# Breeding for the sake of breeding



## Ssthisto (Aug 31, 2006)

Does anyone else ever think about their reasons for breeding the species or individuals they want to breed, or decide that, for whatever reason, it's NOT worth breeding those individuals (whether that's "this year" or "ever") ?

I'd posted in the Breeding forum asking which of my males other folks would pair with my female Granite het Amel corn... but I'm starting to question whether I should breed her *at all* next year. She's healthy, she's in good weight, she produces good clutches, I have a matching granite male (and half a dozen other males for other results) ... 

Problem is that next year there really isn't anything I want out of her to keep for myself. I don't need another granite of either sex. I don't need bloodreds with various possible hets, let alone normal, amel or anery babies with various hets/possible hets. They'd be project babies, not visuals, and although I like project hets, the males I have ready now aren't going to make the projects I want.

The boys I DO want to keep project offspring from (Lavamel male, Snow het Hypo Blood male) aren't going to be old enough and big enough to breed next year, they're only '09 babies... 

I almost certainly have an outlet for any offspring I choose to sell as long as I'm happy with store credit at trade prices and I'm willing to ensure that every baby sold has had four consecutive feeds before selling. Not that big a hardship; last year's babies paid for quite a bit of food and equipment. 

So... do I breed the female to produce the largest number of saleable offspring (and breed up a whole clutch of granites that I personally don't want or need in so doing) ... or do I leave her until 2011, let her build up for an extra year and then breed the project hets I want from a female who's had a year off and might make a bigger, better clutch?

What would you do?


----------



## sparkle (Mar 21, 2007)

I started a thread in the lizard section about this..

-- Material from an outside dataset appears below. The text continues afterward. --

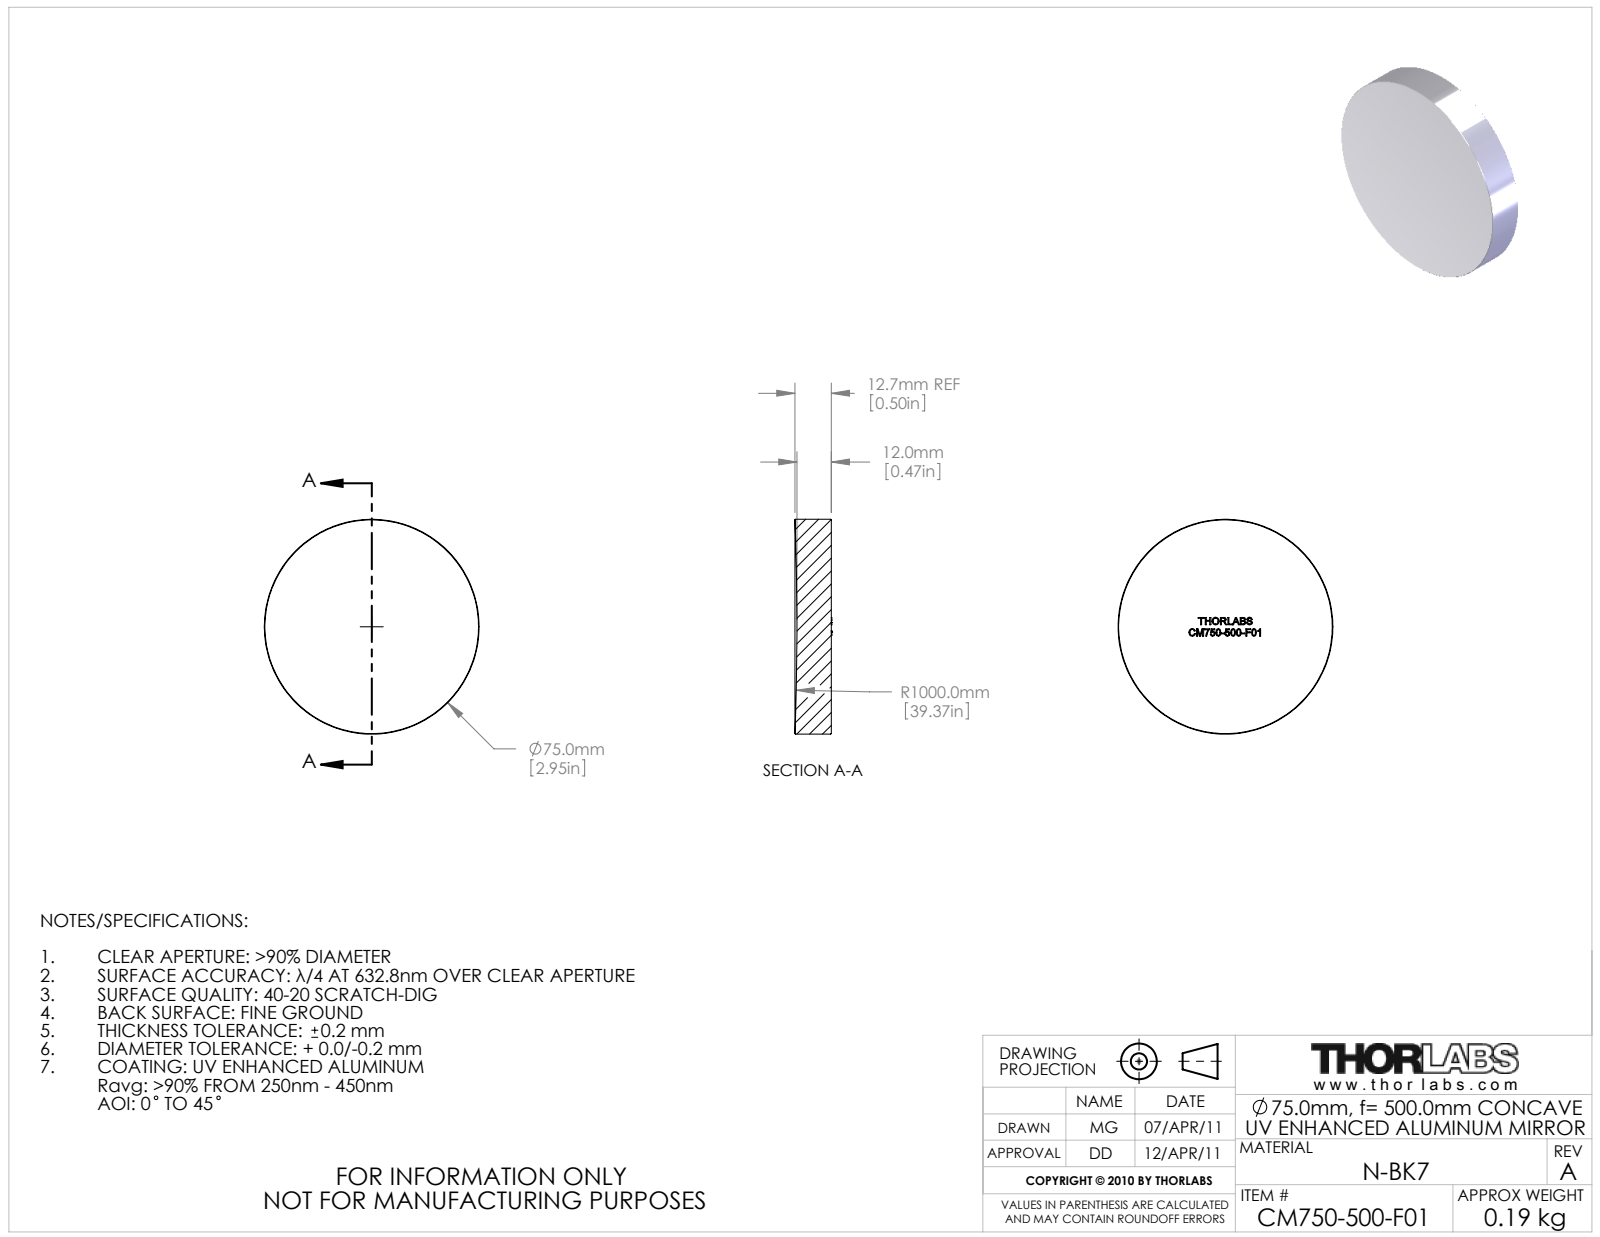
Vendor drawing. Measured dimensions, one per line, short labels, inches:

I am only breeding ONE pair of crested geckos next year.. because I dont see the point in adding a glut of crested geckos to the market when it is already becoming very saturated.. The pair I am breeding are stunning the female being a super dal.. so hopefully the babies will be in high demand, I am also growing them on till they are sexble..

if I were you I'd wait but its all down to personal preference..

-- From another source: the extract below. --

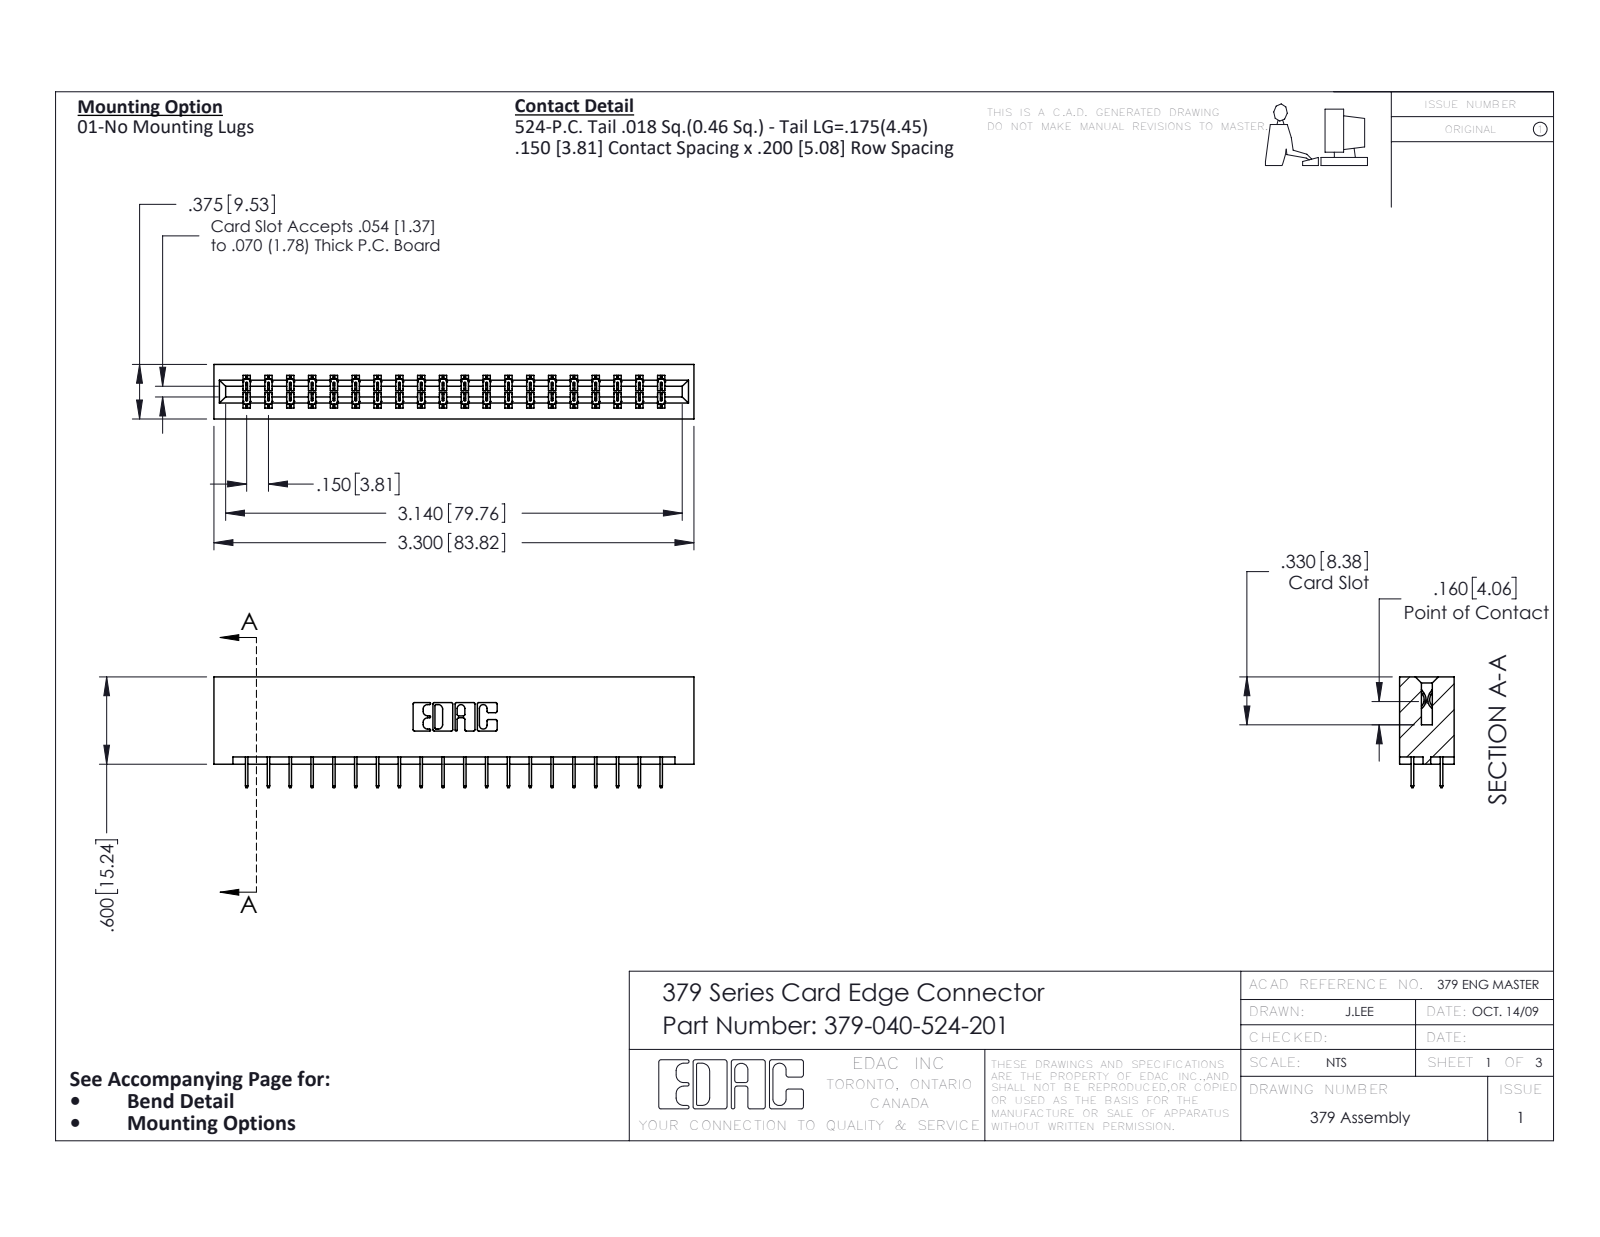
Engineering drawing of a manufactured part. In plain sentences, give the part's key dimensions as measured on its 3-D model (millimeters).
The part is named "345-292-001_345-293-124; 379 Part_Lugless; 379-040-524-201". Its 3-D file was written by "SolidWorks 2016 (CONFIG_CONTROL_DESIGN)". It is 41 solids with 2346 faces: 1746 planar, 600 cylindrical and 0 other. Overall it measures 83.8 by 19.4 by 9.5 millimeters. Its volume is 9 340 cubic millimeters and its surface area 10 140 square millimeters. Partial cylindrical surfaces (rounded edges, fillets, slot ends): 60 of radius 0.2, 22 of radius 0.3, 6 of radius 0.2, 6 of radius 0.8, 3 of radius 0.7, 2 of radius 0.4, 2 of radius 0.6, 2 of radius 0.6. The main face-to-face distances are 7.6, 1.9, 9.5, 5.1, 2.5, 3.8, 5.7, 14, 15.2, 1.3.

PS.. will get those recipes to you this week x


----------



## GlasgowGecko (Feb 23, 2008)

Its such a difficult question, and so many breeders (well those that I would consider breeders, not simple people who breed reptiles... perhaps a fine distinction....) are asking the same question.

Money is certainly not an issue, my main concern is the huge numbers of animals that are currently on the market which are not selling. The prices are coming down so far, it seems to me people are almost treating them as throw away. A good example of this would be buying a large number of hatchling crested geckos in the hope of getting some 'more valuable' females. The males are an unfortunate by-product and end up getting passed around from pillar to post...

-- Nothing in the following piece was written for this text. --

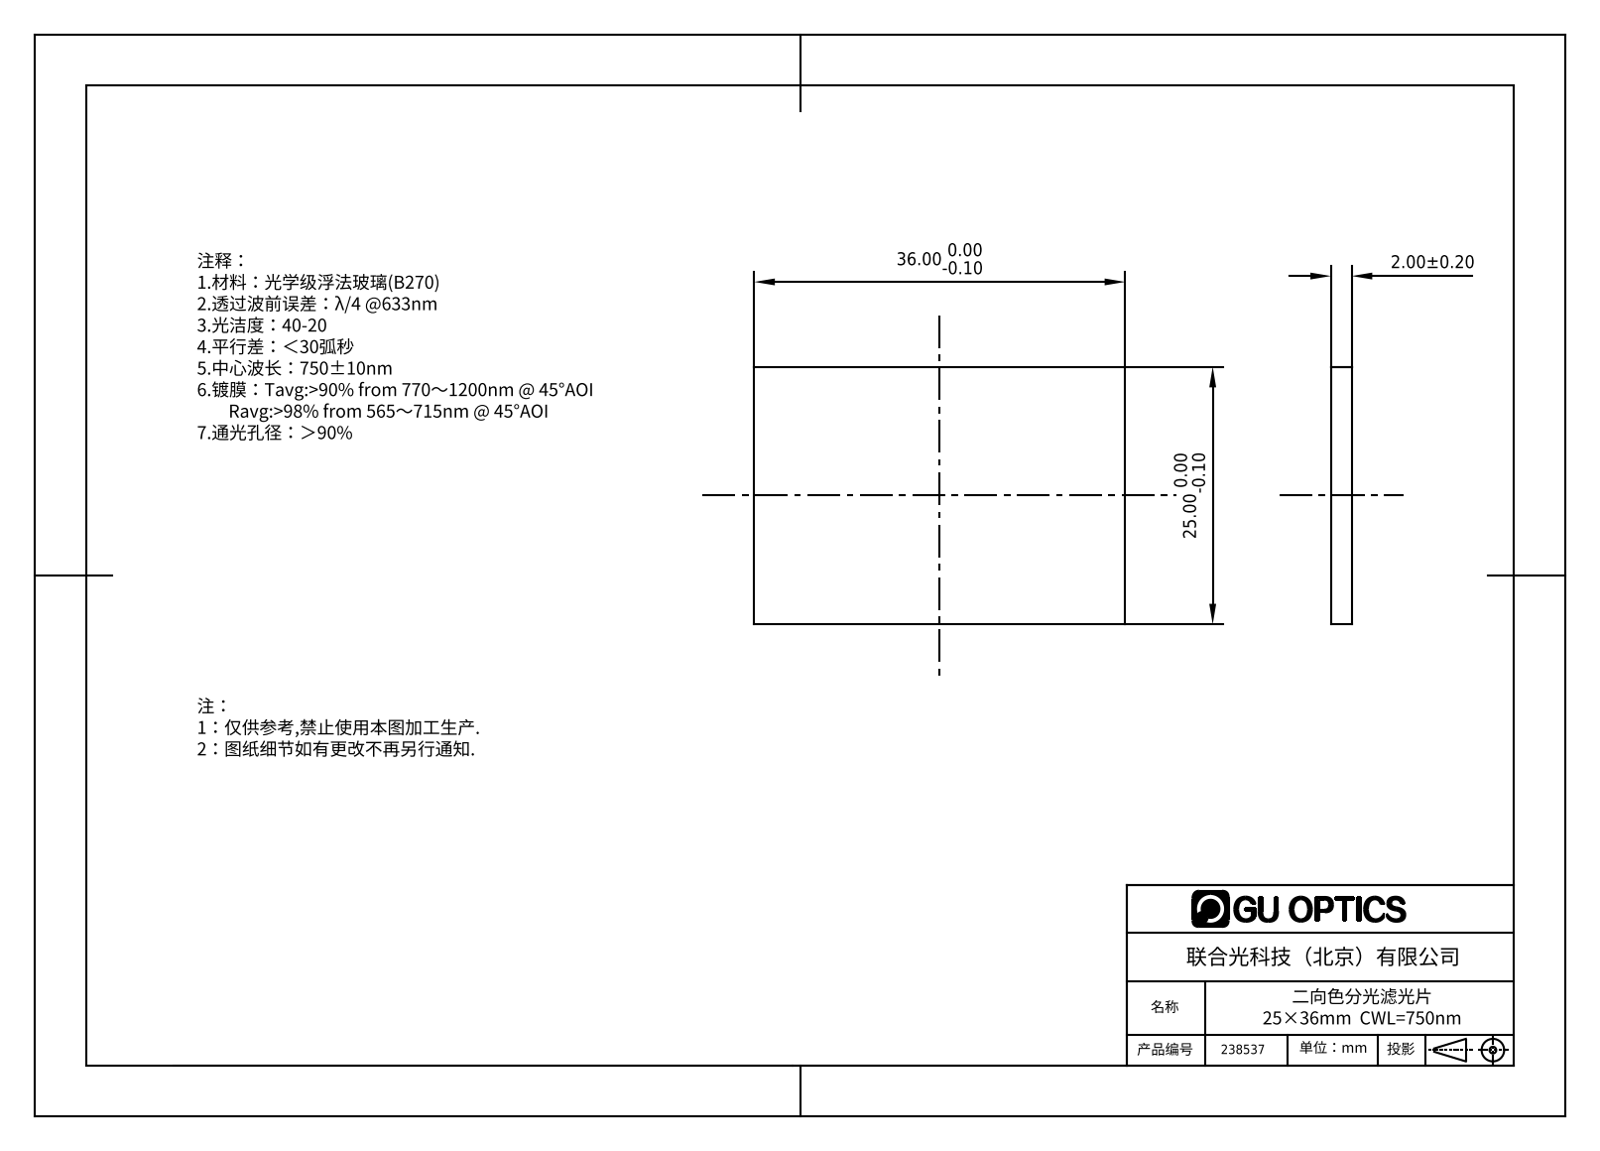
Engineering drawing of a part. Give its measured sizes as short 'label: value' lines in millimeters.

We have decided not to breed our cresties and leos again next year for this exact reason. We really try to vet the homes we sell to, and it becomes very difficult to do this when the market is so flooded, and prices are so low...

Andy


----------



## SleepyD (Feb 13, 2008)

Ssthisto said:


> Does anyone else ever think about their reasons for breeding the species or individuals they want to breed, or decide that, for whatever reason, it's NOT worth breeding those individuals (whether that's "this year" or "ever") ?


*nods* I think about this every time ~ for instance this year I only bred five leo females ~ three of which were first timers so smaller clutches ~ the vast majority of my females were not bred at all, some are on their second year of rest and some have never been bred but I am in no rush and I don't feel it's necessary to breed them just for the sake of it.
Next year I'll be breeding even fewer .. just two or three of my first-timer leo girls for a personal project and possibly one or two of my adult fat-tails *if* I get round to it



GlasgowGecko said:


> Money is certainly not an issue, my main concern is the huge numbers of animals that are currently on the market which are not selling. The prices are coming down so far, it seems to me people are almost treating them as throw away.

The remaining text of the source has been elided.